Problem requirements —
Each line of the records that holds the word "layers" should be copied out.

Material provided —
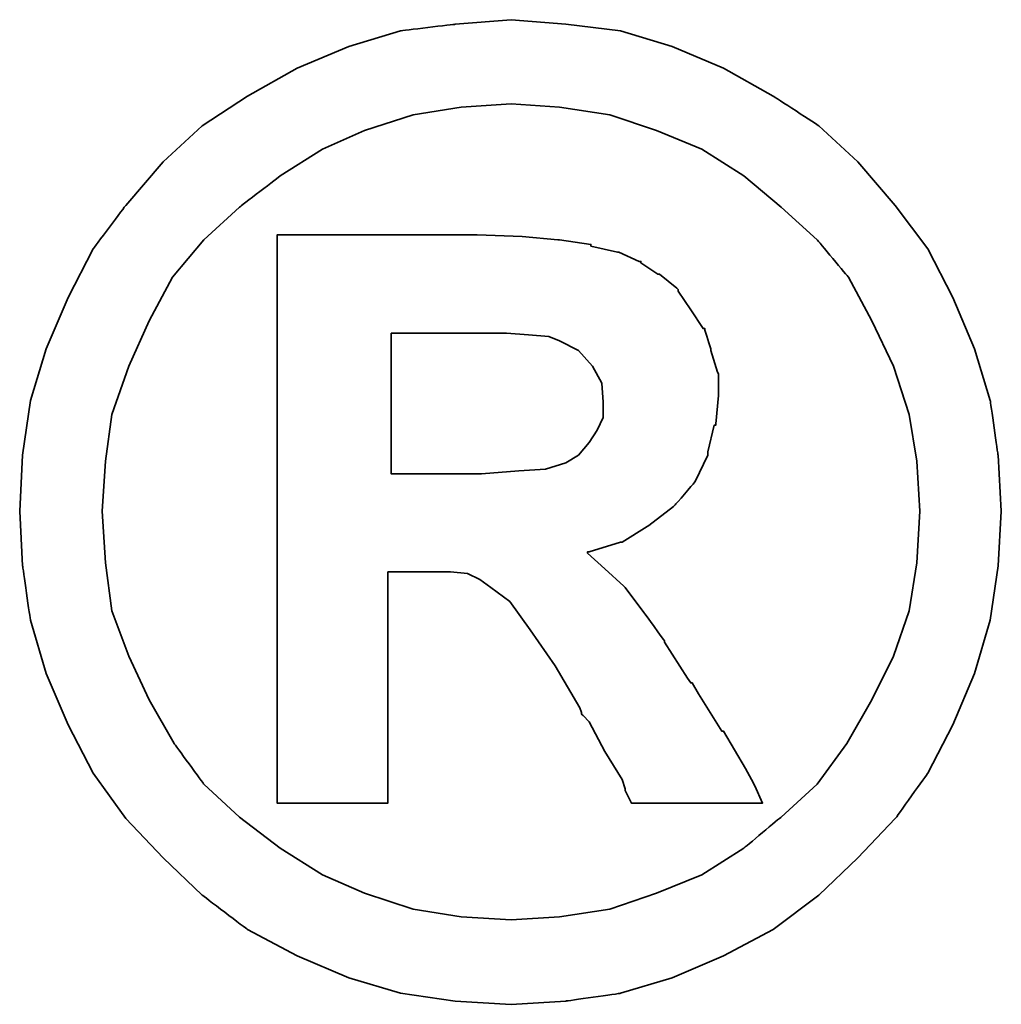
# Model space of a CAD drawing. Header units: millimetres. Extents: x 467 to 837, y 501 to 636.
# Tile 48 of 50: x 763.35 to 764.99, y 545.23 to 546.88. Entities that reach past the tile are written whole.
import ezdxf

# ---------------------------------------------------------------- set-up
doc = ezdxf.new("R2010")
doc.units = ezdxf.units.MM
doc.layers.add('DIM', color=4, linetype='CONTINUOUS')
doc.layers.add('layer 1', color=7, linetype='CONTINUOUS')

# ---------------------------------------------------------------- blocks, each defined once
blk = doc.blocks.new('TBI MOTION logo(完整正式版)')
at = {"layer": 'layer 1', "color": 22, "lineweight": 35}
for points, knots in [([(81.20634, 4.98624), (81.20634, 4.98624), (81.18649, 5.32862), (81.18649, 5.32862), (81.18649, 5.32862), (81.18649, 5.32862), (81.13886, 5.66206), (81.13886, 5.66206), (81.13886, 5.66206), (81.13886, 5.66206), (81.04359, 5.97764), (81.04359, 5.97764), (81.04359, 5.97764), (81.04359, 5.97764), (80.91061, 6.29124), (80.91061, 6.29124), (80.91061, 6.29124), (80.91061, 6.29124), (80.75778, 6.58697), (80.75778, 6.58697), (80.75778, 6.58697), (80.75778, 6.58697), (80.5593, 6.85294), (80.5593, 6.85294), (80.5593, 6.85294), (80.5593, 6.85294), (80.33105, 7.1189), (80.33105, 7.1189), (80.33105, 7.1189), (80.33105, 7.1189), (80.09287, 7.33921), (80.09287, 7.33921), (80.09287, 7.33921), (80.09287, 7.33921), (79.815, 7.51982), (79.815, 7.51982), (79.815, 7.51982), (79.815, 7.51982), (79.51133, 7.69051), (79.51133, 7.69051), (79.51133, 7.69051), (79.51133, 7.69051), (79.19773, 7.8235), (79.19773, 7.8235), (79.19773, 7.8235), (79.19773, 7.8235), (78.88215, 7.91877), (78.88215, 7.91877), (78.88215, 7.91877), (78.88215, 7.91877), (78.54871, 7.95846), (78.54871, 7.95846), (78.54871, 7.95846), (78.54871, 7.95846), (78.21526, 7.98625), (78.21526, 7.98625), (78.21526, 7.98625), (78.21526, 7.98625), (77.87388, 7.95846), (77.87388, 7.95846), (77.87388, 7.95846), (77.87388, 7.95846), (77.54044, 7.91877), (77.54044, 7.91877), (77.54044, 7.91877), (77.54044, 7.91877), (77.22485, 7.8235), (77.22485, 7.8235), (77.22485, 7.8235), (77.22485, 7.8235), (76.91027, 7.69051), (76.91027, 7.69051), (76.91027, 7.69051), (76.91027, 7.69051), (76.6056, 7.51982), (76.6056, 7.51982), (76.6056, 7.51982), (76.6056, 7.51982), (76.32972, 7.33921), (76.32972, 7.33921), (76.32972, 7.33921), (76.32972, 7.33921), (76.09154, 7.1189), (76.09154, 7.1189), (76.09154, 7.1189), (76.09154, 7.1189), (75.86329, 6.85294), (75.86329, 6.85294), (75.86329, 6.85294), (75.86329, 6.85294), (75.66382, 6.58697), (75.66382, 6.58697), (75.66382, 6.58697), (75.66382, 6.58697), (75.51099, 6.29124), (75.51099, 6.29124), (75.51099, 6.29124), (75.51099, 6.29124), (75.37702, 5.97764), (75.37702, 5.97764), (75.37702, 5.97764), (75.37702, 5.97764), (75.28175, 5.66206), (75.28175, 5.66206), (75.28175, 5.66206), (75.28175, 5.66206), (75.23411, 5.32862), (75.23411, 5.32862), (75.23411, 5.32862), (75.23411, 5.32862), (75.21625, 4.98624), (75.21625, 4.98624), (75.21625, 4.98624), (75.21625, 4.98624), (75.23411, 4.6528), (75.23411, 4.6528), (75.23411, 4.6528), (75.23411, 4.6528), (75.28175, 4.32035), (75.28175, 4.32035), (75.28175, 4.32035), (75.28175, 4.32035), (75.37702, 3.99583), (75.37702, 3.99583), (75.37702, 3.99583), (75.37702, 3.99583), (75.51099, 3.68224), (75.51099, 3.68224), (75.51099, 3.68224), (75.51099, 3.68224), (75.66382, 3.38749), (75.66382, 3.38749), (75.66382, 3.38749), (75.66382, 3.38749), (75.86329, 3.10963), (75.86329, 3.10963), (75.86329, 3.10963), (75.86329, 3.10963), (76.09154, 2.87145), (76.09154, 2.87145), (76.09154, 2.87145), (76.09154, 2.87145), (76.32972, 2.6432), (76.32972, 2.6432), (76.32972, 2.6432), (76.32972, 2.6432), (76.6056, 2.43381), (76.6056, 2.43381), (76.6056, 2.43381), (76.6056, 2.43381), (76.91027, 2.27205), (76.91027, 2.27205), (76.91027, 2.27205), (76.91027, 2.27205), (77.22485, 2.13906), (77.22485, 2.13906), (77.22485, 2.13906), (77.22485, 2.13906), (77.54044, 2.0438), (77.54044, 2.0438), (77.54044, 2.0438), (77.54044, 2.0438), (77.87388, 1.99616), (77.87388, 1.99616), (77.87388, 1.99616), (77.87388, 1.99616), (78.21526, 1.97631), (78.21526, 1.97631), (78.21526, 1.97631), (78.21526, 1.97631), (78.54871, 1.99616), (78.54871, 1.99616), (78.54871, 1.99616), (78.54871, 1.99616), (78.88215, 2.0438), (78.88215, 2.0438), (78.88215, 2.0438), (78.88215, 2.0438), (79.19773, 2.13906), (79.19773, 2.13906), (79.19773, 2.13906), (79.19773, 2.13906), (79.51133, 2.27205), (79.51133, 2.27205), (79.51133, 2.27205), (79.51133, 2.27205), (79.815, 2.43381), (79.815, 2.43381), (79.815, 2.43381), (79.815, 2.43381), (80.09287, 2.6432), (80.09287, 2.6432), (80.09287, 2.6432), (80.09287, 2.6432), (80.33105, 2.87145), (80.33105, 2.87145), (80.33105, 2.87145), (80.33105, 2.87145), (80.5593, 3.10963), (80.5593, 3.10963), (80.5593, 3.10963), (80.5593, 3.10963), (80.75778, 3.38749), (80.75778, 3.38749), (80.75778, 3.38749), (80.75778, 3.38749), (80.91061, 3.68224), (80.91061, 3.68224), (80.91061, 3.68224), (80.91061, 3.68224), (81.04359, 3.99583), (81.04359, 3.99583), (81.04359, 3.99583), (81.04359, 3.99583), (81.13886, 4.32035), (81.13886, 4.32035), (81.13886, 4.32035), (81.13886, 4.32035), (81.18649, 4.6528), (81.18649, 4.6528), (81.18649, 4.6528), (81.18649, 4.6528), (81.20634, 4.98624), (81.20634, 4.98624)], [0, 0, 0, 0, 0.0178571, 0.0178571, 0.0178571, 0.0178572, 0.0357143, 0.0357143, 0.0357143, 0.0357143, 0.0535714, 0.0535714, 0.0535714, 0.0535714, 0.0714286, 0.0714286, 0.0714286, 0.0714286, 0.0892857, 0.0892857, 0.0892857, 0.0892857, 0.1071429, 0.1071429, 0.1071429, 0.1071429, 0.125, 0.125, 0.125, 0.125, 0.1428571, 0.1428571, 0.1428571, 0.1428572, 0.1607143, 0.1607143, 0.1607143, 0.1607143, 0.1785714, 0.1785714, 0.1785714, 0.1785714, 0.1964286, 0.1964286, 0.1964286, 0.1964286, 0.2142857, 0.2142857, 0.2142857, 0.2142857, 0.2321429, 0.2321429, 0.2321429, 0.2321429, 0.25, 0.25, 0.25, 0.25, 0.2678571, 0.2678571, 0.2678571, 0.2678572, 0.2857143, 0.2857143, 0.2857143, 0.2857143, 0.3035714, 0.3035714, 0.3035714, 0.3035714, 0.3214286, 0.3214286, 0.3214286, 0.3214286, 0.3392857, 0.3392857, 0.3392857, 0.3392857, 0.3571429, 0.3571429, 0.3571429, 0.3571429, 0.375, 0.375, 0.375, 0.375, 0.3928571, 0.3928571, 0.3928571, 0.3928572, 0.4107143, 0.4107143, 0.4107143, 0.4107143, 0.4285714, 0.4285714, 0.4285714, 0.4285714, 0.4464286, 0.4464286, 0.4464286, 0.4464286, 0.4642857, 0.4642857, 0.4642857, 0.4642857, 0.4821429, 0.4821429, 0.4821429, 0.4821429, 0.5, 0.5, 0.5, 0.5, 0.5178571, 0.5178571, 0.5178571, 0.5178572, 0.5357143, 0.5357143, 0.5357143, 0.5357143, 0.5535714, 0.5535714, 0.5535714, 0.5535714, 0.5714286, 0.5714286, 0.5714286, 0.5714286, 0.5892857, 0.5892857, 0.5892857, 0.5892857, 0.6071429, 0.6071429, 0.6071429, 0.6071429, 0.625, 0.625, 0.625, 0.625, 0.6428571, 0.6428571, 0.6428571, 0.6428572, 0.6607143, 0.6607143, 0.6607143, 0.6607143, 0.6785714, 0.6785714, 0.6785714, 0.6785714, 0.6964286, 0.6964286, 0.6964286, 0.6964286, 0.7142857, 0.7142857, 0.7142857, 0.7142857, 0.7321429, 0.7321429, 0.7321429, 0.7321429, 0.75, 0.75, 0.75, 0.75, 0.7678571, 0.7678571, 0.7678571, 0.7678572, 0.7857143, 0.7857143, 0.7857143, 0.7857143, 0.8035714, 0.8035714, 0.8035714, 0.8035714, 0.8214286, 0.8214286, 0.8214286, 0.8214286, 0.8392857, 0.8392857, 0.8392857, 0.8392857, 0.8571429, 0.8571429, 0.8571429, 0.8571429, 0.875, 0.875, 0.875, 0.875, 0.8928571, 0.8928571, 0.8928571, 0.8928572, 0.9107143, 0.9107143, 0.9107143, 0.9107143, 0.9285714, 0.9285714, 0.9285714, 0.9285714, 0.9464286, 0.9464286, 0.9464286, 0.9464286, 0.9642857, 0.9642857, 0.9642857, 0.9642857, 0.9821429, 0.9821429, 0.9821429, 0.9821429, 1, 1, 1, 1]), ([(80.71014, 4.98624), (80.71014, 4.98624), (80.69129, 5.29091), (80.69129, 5.29091), (80.69129, 5.29091), (80.69129, 5.29091), (80.64464, 5.57672), (80.64464, 5.57672), (80.64464, 5.57672), (80.64464, 5.57672), (80.54937, 5.87245), (80.54937, 5.87245), (80.54937, 5.87245), (80.54937, 5.87245), (80.41639, 6.14833), (80.41639, 6.14833), (80.41639, 6.14833), (80.41639, 6.14833), (80.27349, 6.41429), (80.27349, 6.41429), (80.27349, 6.41429), (80.27349, 6.41429), (80.08295, 6.64255), (80.08295, 6.64255), (80.08295, 6.64255), (80.08295, 6.64255), (79.86264, 6.84301), (79.86264, 6.84301), (79.86264, 6.84301), (79.86264, 6.84301), (79.63439, 7.03355), (79.63439, 7.03355), (79.63439, 7.03355), (79.63439, 7.03355), (79.37835, 7.1963), (79.37835, 7.1963), (79.37835, 7.1963), (79.37835, 7.1963), (79.10246, 7.30944), (79.10246, 7.30944), (79.10246, 7.30944), (79.10246, 7.30944), (78.81665, 7.40471), (78.81665, 7.40471), (78.81665, 7.40471), (78.81665, 7.40471), (78.511, 7.45234), (78.511, 7.45234), (78.511, 7.45234), (78.511, 7.45234), (78.21526, 7.47219), (78.21526, 7.47219), (78.21526, 7.47219), (78.21526, 7.47219), (77.9106, 7.45234), (77.9106, 7.45234), (77.9106, 7.45234), (77.9106, 7.45234), (77.61685, 7.40471), (77.61685, 7.40471), (77.61685, 7.40471), (77.61685, 7.40471), (77.32012, 7.30944), (77.32012, 7.30944), (77.32012, 7.30944), (77.32012, 7.30944), (77.06309, 7.1963), (77.06309, 7.1963), (77.06309, 7.1963), (77.06309, 7.1963), (76.80606, 7.03355), (76.80606, 7.03355), (76.80606, 7.03355), (76.80606, 7.03355), (76.55797, 6.84301), (76.55797, 6.84301), (76.55797, 6.84301), (76.55797, 6.84301), (76.34063, 6.64255), (76.34063, 6.64255), (76.34063, 6.64255), (76.34063, 6.64255), (76.1491, 6.41429), (76.1491, 6.41429), (76.1491, 6.41429), (76.1491, 6.41429), (76.0062, 6.14833), (76.0062, 6.14833), (76.0062, 6.14833), (76.0062, 6.14833), (75.88314, 5.87245), (75.88314, 5.87245), (75.88314, 5.87245), (75.88314, 5.87245), (75.77794, 5.57672), (75.77794, 5.57672), (75.77794, 5.57672), (75.77794, 5.57672), (75.73924, 5.29091), (75.73924, 5.29091), (75.73924, 5.29091), (75.73924, 5.29091), (75.72039, 4.98624), (75.72039, 4.98624), (75.72039, 4.98624), (75.72039, 4.98624), (75.73924, 4.67165), (75.73924, 4.67165), (75.73924, 4.67165), (75.73924, 4.67165), (75.77794, 4.37791), (75.77794, 4.37791), (75.77794, 4.37791), (75.77794, 4.37791), (75.88314, 4.10102), (75.88314, 4.10102), (75.88314, 4.10102), (75.88314, 4.10102), (76.0062, 3.83407), (76.0062, 3.83407), (76.0062, 3.83407), (76.0062, 3.83407), (76.15902, 3.56811), (76.15902, 3.56811), (76.15902, 3.56811), (76.15902, 3.56811), (76.34063, 3.32001), (76.34063, 3.32001), (76.34063, 3.32001), (76.34063, 3.32001), (76.55797, 3.11955), (76.55797, 3.11955), (76.55797, 3.11955), (76.55797, 3.11955), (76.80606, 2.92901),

Response area —
doc.layers.add('DIM', color=4, linetype='CONTINUOUS')
doc.layers.add('layer 1', color=7, linetype='CONTINUOUS')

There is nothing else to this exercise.